3. First trip to the grocery store: this one was self-inflicted as my own limit test. Let’s just say, we left in one piece and made it out with what we needed, but I’m thankful we didn’t need a lot. I don’t need to make that a regular thing just yet…
There is a lot I am thankful for in the two year gap I had between having babies, and most can be summed up by the fact that caring for my new infant is now the easy part. I thoroughly enjoy these early days with my daughter (a degree or two more than I did with my son) simply because my mind isn’t riddled with worry or new-mom anxiety (and fortunately I have a healthy and uncomplicated baby to allow for that). I equally enjoy my son because he’s fun and funny, playing games, learning and growing like a real kid by the second. He’s incredibly challenging, but incredibly fun. And I’m finding the artful balance of enjoying the two together when it is just the three of us, even though it’s still incredibly daunting. I’m sure this will all reach another level once baby is old enough and mobile enough to need her own amount of corralling, and I’ll look back on this time and laugh. I suppose the “baby steps” for 2-kid parenting is the luxury of putting baby down to attend to the other. But for right now, I’m just trying to master the basics. There are a lot more firsts I will experience as a mom of two, and a lot more stripes to be earned. And at the end of the day, as long as we’re all alive and well to tell the tale, I guess I’ve done my job. A little trial and error is the best way to learn anyway, right?

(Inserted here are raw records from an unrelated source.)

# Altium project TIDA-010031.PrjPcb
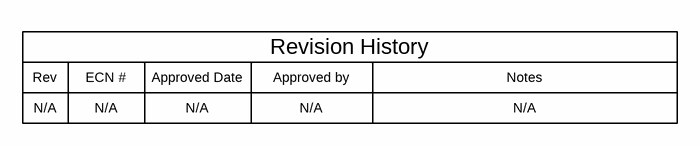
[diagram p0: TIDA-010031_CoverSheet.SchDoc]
CopyrightYear: 2018; PCB_Layout: Hawken; PCB_Rev: 1; PRJ_Customer: Public Release; PRJ_Engineer: Hawken Li; PRJ_Number: 010031; PRJ_Title: 100K RPM Motor Driver Module; SCH_Rev: 1; TechSupport: http://www.ti.com/support; TID: TIDA-010031
3 sheets, 87 parts. Net scope: global (net labels, ports and power ports of the same name join across sheets).
Board file: TIDA-010031.PcbDoc
Sheets:
  TIDA-010031_CoverSheet.SchDoc
  TIDA-010031_Page1.SchDoc
  TIDA-010031_EVM_Hardware.SchDoc

## Sheet TIDA-010031_CoverSheet.SchDoc
size 431 x 279 mm; Date: Not shown in title block; ApprovedBy: Not shown in title block; CheckedBy: Not shown in title block; Author: Not shown in title block; CompanyName: Not shown in title block; Engineer: Not shown in title block; Organization: Not shown in title block; Address1: Not shown in title block; Address2: Not shown in title block; Address3: Not shown in title block; Address4: Not shown in title block; DocumentNumber: 1; Revision: Use project parameter SCH_Rev; SheetNumber: 1; SheetTotal: 3; PageSetup: Record=PageOptions¦CenterHorizontal=True¦CenterVertical=True¦PrintScale=1.00¦XCorrection=1.00¦YCorrection=1.00¦PrintKind=0¦BorderSize=5000000¦LeftOffset=0¦BottomOffset=0¦Orientation=2¦PaperLength=1000¦PaperWidth=1000¦Scale=100¦PaperSource=15¦PrintQuality=600¦MediaType=1¦DitherType=10¦PaperKind=Letter¦PrintScaleMode=1

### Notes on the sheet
- Rev
- N/A
- ECN #
- Approved Date
- Approved by
- Revision History
- Notes

## Sheet TIDA-010031_Page1.SchDoc
size 431 x 279 mm; Date: Not shown in title block; ApprovedBy: Not shown in title block; CheckedBy: Not shown in title block; Author: Not shown in title block; CompanyName: Not shown in title block; Engineer: Not shown in title block; Organization: Not shown in title block; Address1: Not shown in title block; Address2: Not shown in title block; Address3: Not shown in title block; Address4: Not shown in title block; DocumentNumber: 1; Revision: Use project parameter SCH_Rev; SheetNumber: 2; SheetTotal: 3; PageSetup: Record=PageOptions¦CenterHorizontal=True¦CenterVertical=True¦PrintScale=1.00¦XCorrection=1.00¦YCorrection=1.00¦PrintKind=0¦BorderSize=5000000¦LeftOffset=0¦BottomOffset=0¦Orientation=2¦PaperLength=1000¦PaperWidth=1000¦Scale=100¦PaperSource=15¦PrintQuality=600¦MediaType=1¦DitherType=10¦PaperKind=Letter¦PrintScaleMode=1
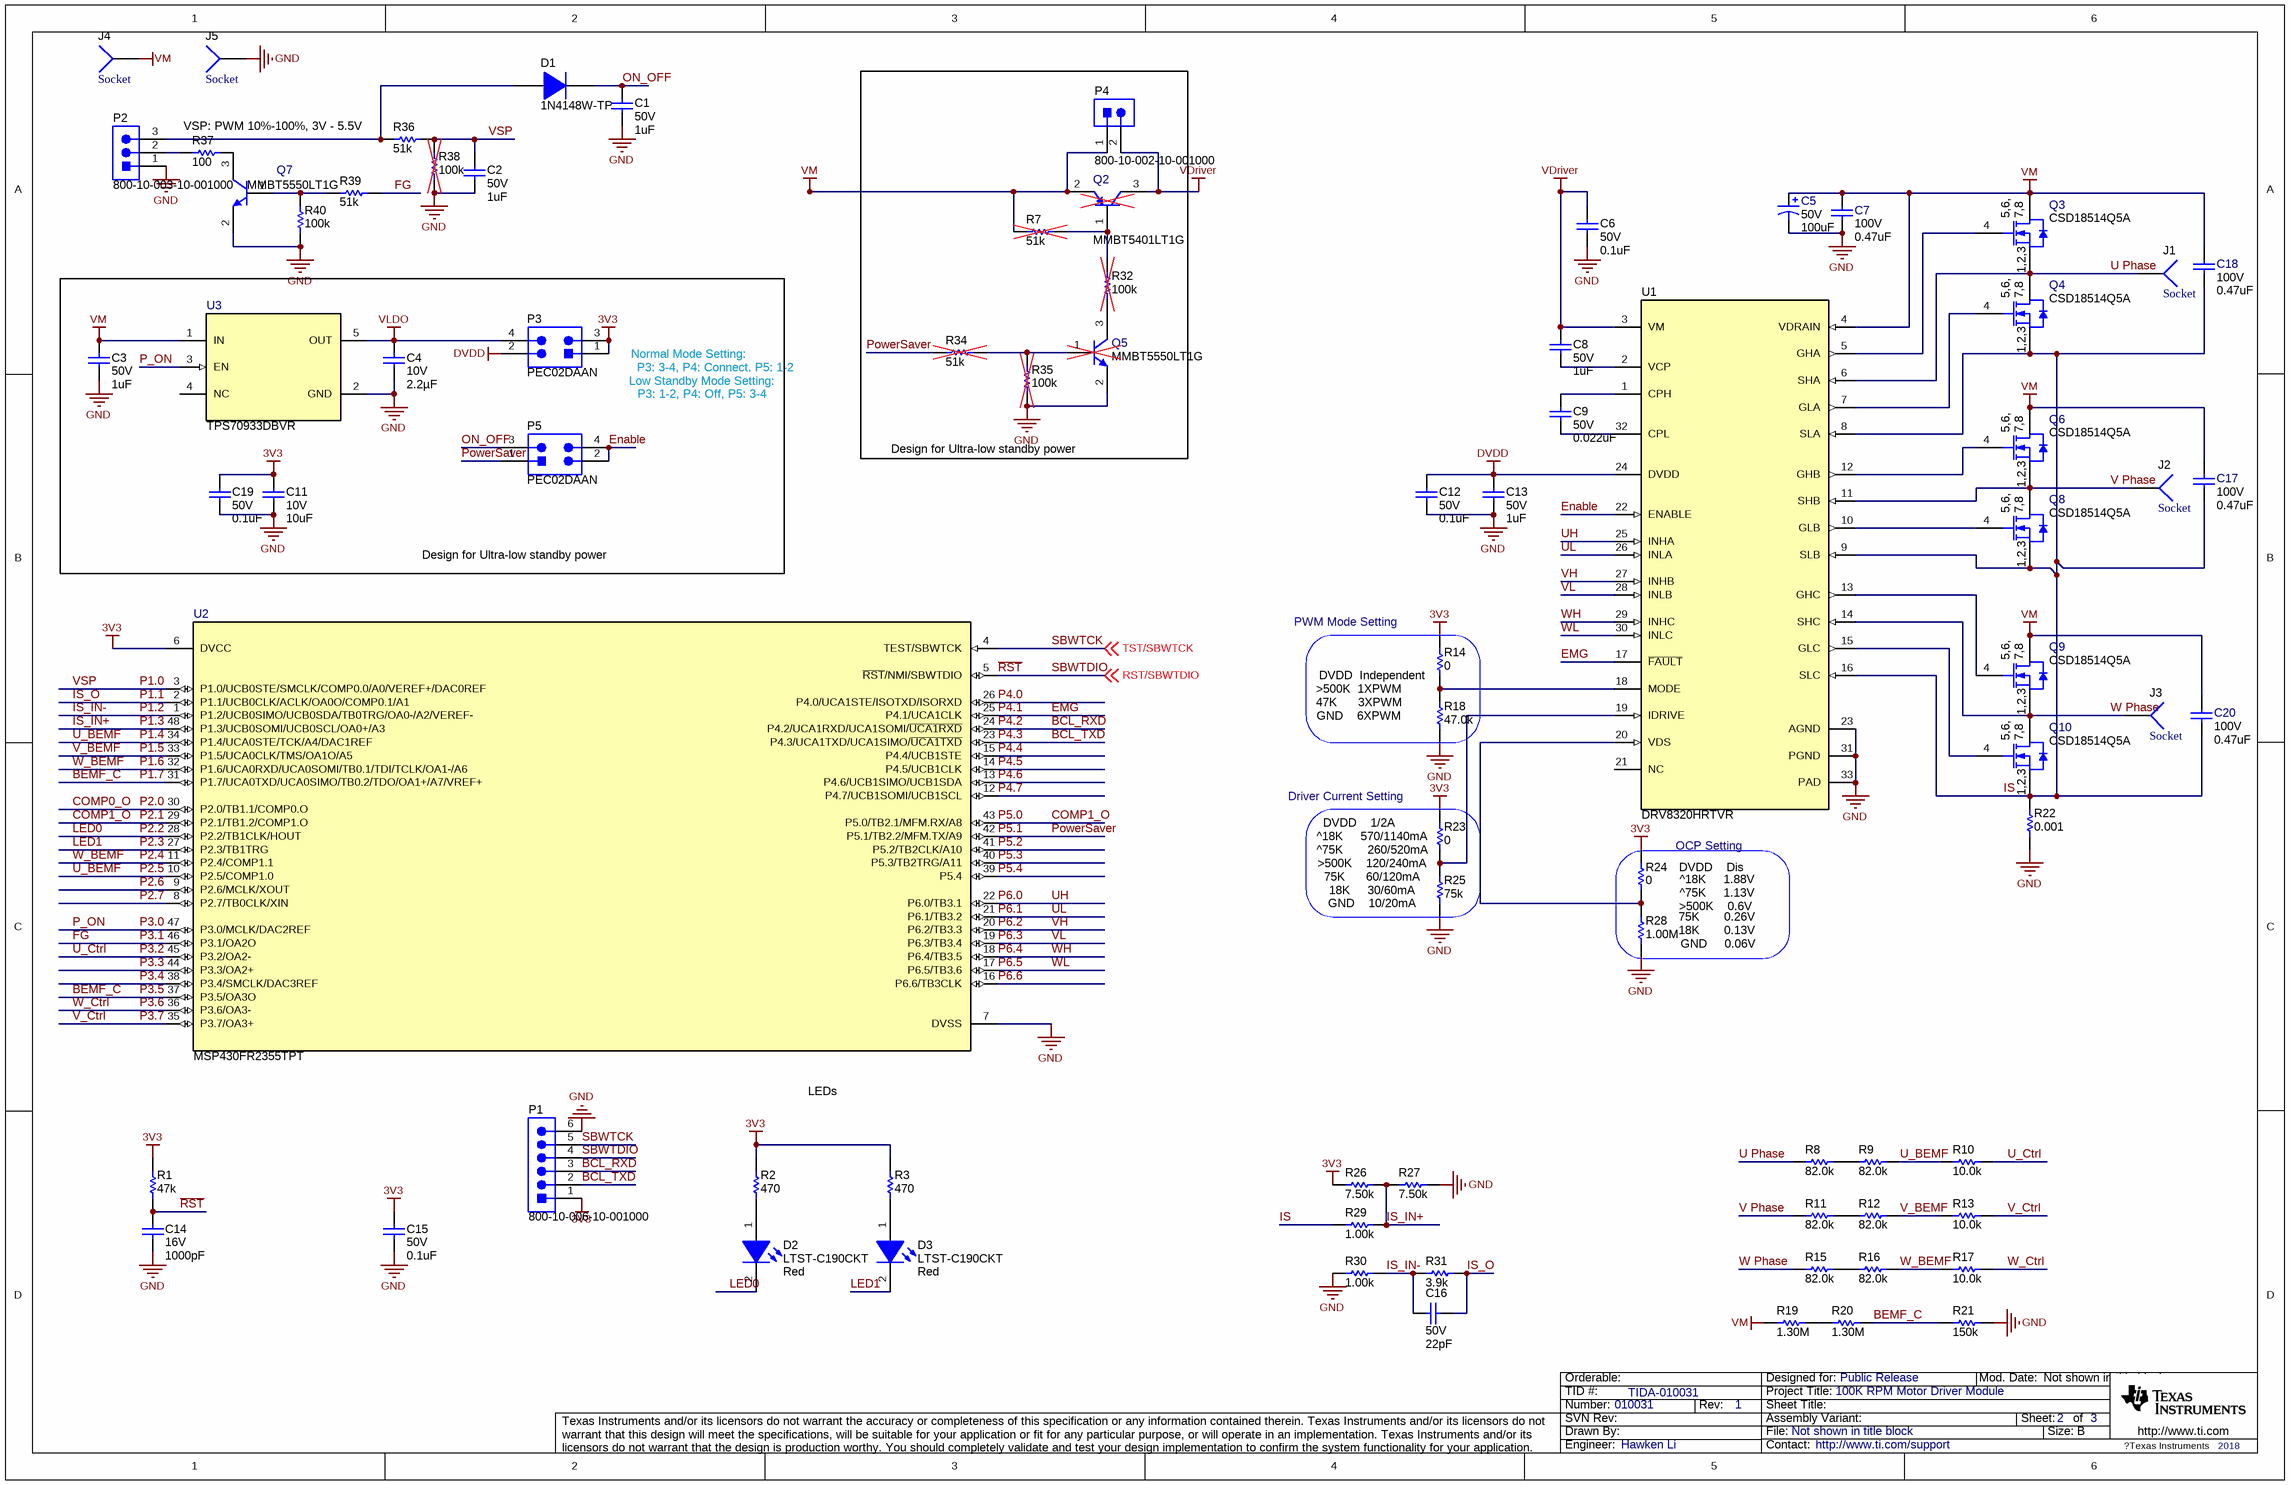
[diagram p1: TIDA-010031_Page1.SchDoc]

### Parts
C1  VDC_V: 50V  ValueDisplayed: 1uF  [0603]  (hidden comment: GRM188R61H105KAALD)
C2  VDC_V: 50V  ValueDisplayed: 1uF  [0603]  (hidden comment: C1608X5R1H104K080AA)
C3  VDC_V: 50V  ValueDisplayed: 1uF  [0603]  (hidden comment: GRM188R61H105KAALD)
C4  VDC_V: 10V  ValueDisplayed: 2.2µF  [0603]  (hidden comment: GRM188R71A225KE15J)
C5  VDC_V: 50V  ValueDisplayed: 100uF  [ZLJ_800X1150]  (hidden comment: 50ZLJ100MT78X11.5)
C6  VDC_V: 50V  ValueDisplayed: 0.1uF  [0603]  (hidden comment: C1608X5R1H104K080AA)
C7  VDC_V: 100V  ValueDisplayed: 0.47uF  [1206_180]  (hidden comment: C3216X7R2A474K160AA)
C8  VDC_V: 50V  ValueDisplayed: 1uF  [0603]  (hidden comment: GRM188R61H105KAALD)
C9  VDC_V: 50V  ValueDisplayed: 0.022uF  [0603]  (hidden comment: C0603X223K5RACTU)
C11  VDC_V: 10V  ValueDisplayed: 10uF  [0603]  (hidden comment: GRM188Z71A106MA73D)
C12  VDC_V: 50V  ValueDisplayed: 0.1uF  [0603]  (hidden comment: C1608X5R1H104K080AA)
C13  VDC_V: 50V  ValueDisplayed: 1uF  [0603]  (hidden comment: GRM188R61H105KAALD)
C14  VDC_V: 16V  ValueDisplayed: 1000pF  [0603]  (hidden comment: GRM188R71C102KA01D)
C15  VDC_V: 50V  ValueDisplayed: 0.1uF  [0603]  (hidden comment: C1608X5R1H104K080AA)
C16  VDC_V: 50V  ValueDisplayed: 22pF  [0603]  (hidden comment: 06035A220JAT2A)
C17  VDC_V: 100V  ValueDisplayed: 0.47uF  [1206_180]  (hidden comment: C3216X7R2A474K160AA)
C18  VDC_V: 100V  ValueDisplayed: 0.47uF  [1206_180]  (hidden comment: C3216X7R2A474K160AA)
C19  VDC_V: 50V  ValueDisplayed: 0.1uF  [0603]  (hidden comment: C1608X5R1H104K080AA)
C20  VDC_V: 100V  ValueDisplayed: 0.47uF  [1206_180]  (hidden comment: C3216X7R2A474K160AA)
D1  1N4148W-TP  [SOD-123]
D2  LTST-C190CKT  value Red  [LED_LTST-C190_Red]
D3  LTST-C190CKT  value Red  [LED_LTST-C190_Red]
J1  Socket  [PIN1]
J2  Socket  [PIN1]
J3  Socket  [PIN1]
J4  Socket  [PIN1]
J5  Socket  [PIN1]
P1  800-10-006-10-001000  [Mill-Max_800-10-006-10-001000]
P2  800-10-003-10-001000  [Mill-Max_800-10-003-10-001000]
P3  PEC02DAAN  [Sullins_PEC02DAAN]
P4  800-10-002-10-001000  [Mill-Max_800-10-002-10-001000]
P5  PEC02DAAN  [Sullins_PEC02DAAN]
Q2  MMBT5401LT1G  [SOT-23]
Q3  CSD18514Q5A  [DQJ0008A]
Q4  CSD18514Q5A  [DQJ0008A]
Q5  MMBT5550LT1G  [SOT-23]
Q6  CSD18514Q5A  [DQJ0008A]
Q7  MMBT5550LT1G  [SOT-23]
Q8  CSD18514Q5A  [DQJ0008A]
Q9  CSD18514Q5A  [DQJ0008A]
Q10  CSD18514Q5A  [DQJ0008A]
R1  ValueDisplayed: 47k  [0603]  (hidden comment: RC0603JR-0747KL)
R2  ValueDisplayed: 470  [0603]  (hidden comment: RC0603JR-07470RL)
R3  ValueDisplayed: 470  [0603]  (hidden comment: RC0603JR-07470RL)
R7  ValueDisplayed: 51k  [0603]  (hidden comment: RC0603JR-0751KL)
R8  ValueDisplayed: 82.0k  [0603]  (hidden comment: RC0603FR-0782KL)
R9  ValueDisplayed: 82.0k  [0603]  (hidden comment: RC0603FR-0782KL)
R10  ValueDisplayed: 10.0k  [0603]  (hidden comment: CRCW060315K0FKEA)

It sounds strange, but as more time passes, I ease up on myself, and I feel that the more I admit to my fears and anxieties, the more comfortable I am with facing them (and facing these children of mine on my own). Perhaps this is because deep down I know I am perfectly capable, and will be able to handle it all when I need to. But for right now, I’m gonna take the all help I can get, because I can. I know I’m not the first mom of two, and there are plenty of moms who do this with more kids and far fewer helpful resources. Those women are the real superheroes – I really don’t know how they do it.
I’m just here trying to do the best I can, and figuring it out along the way.
And yet I know I want at least one more baby… God help me!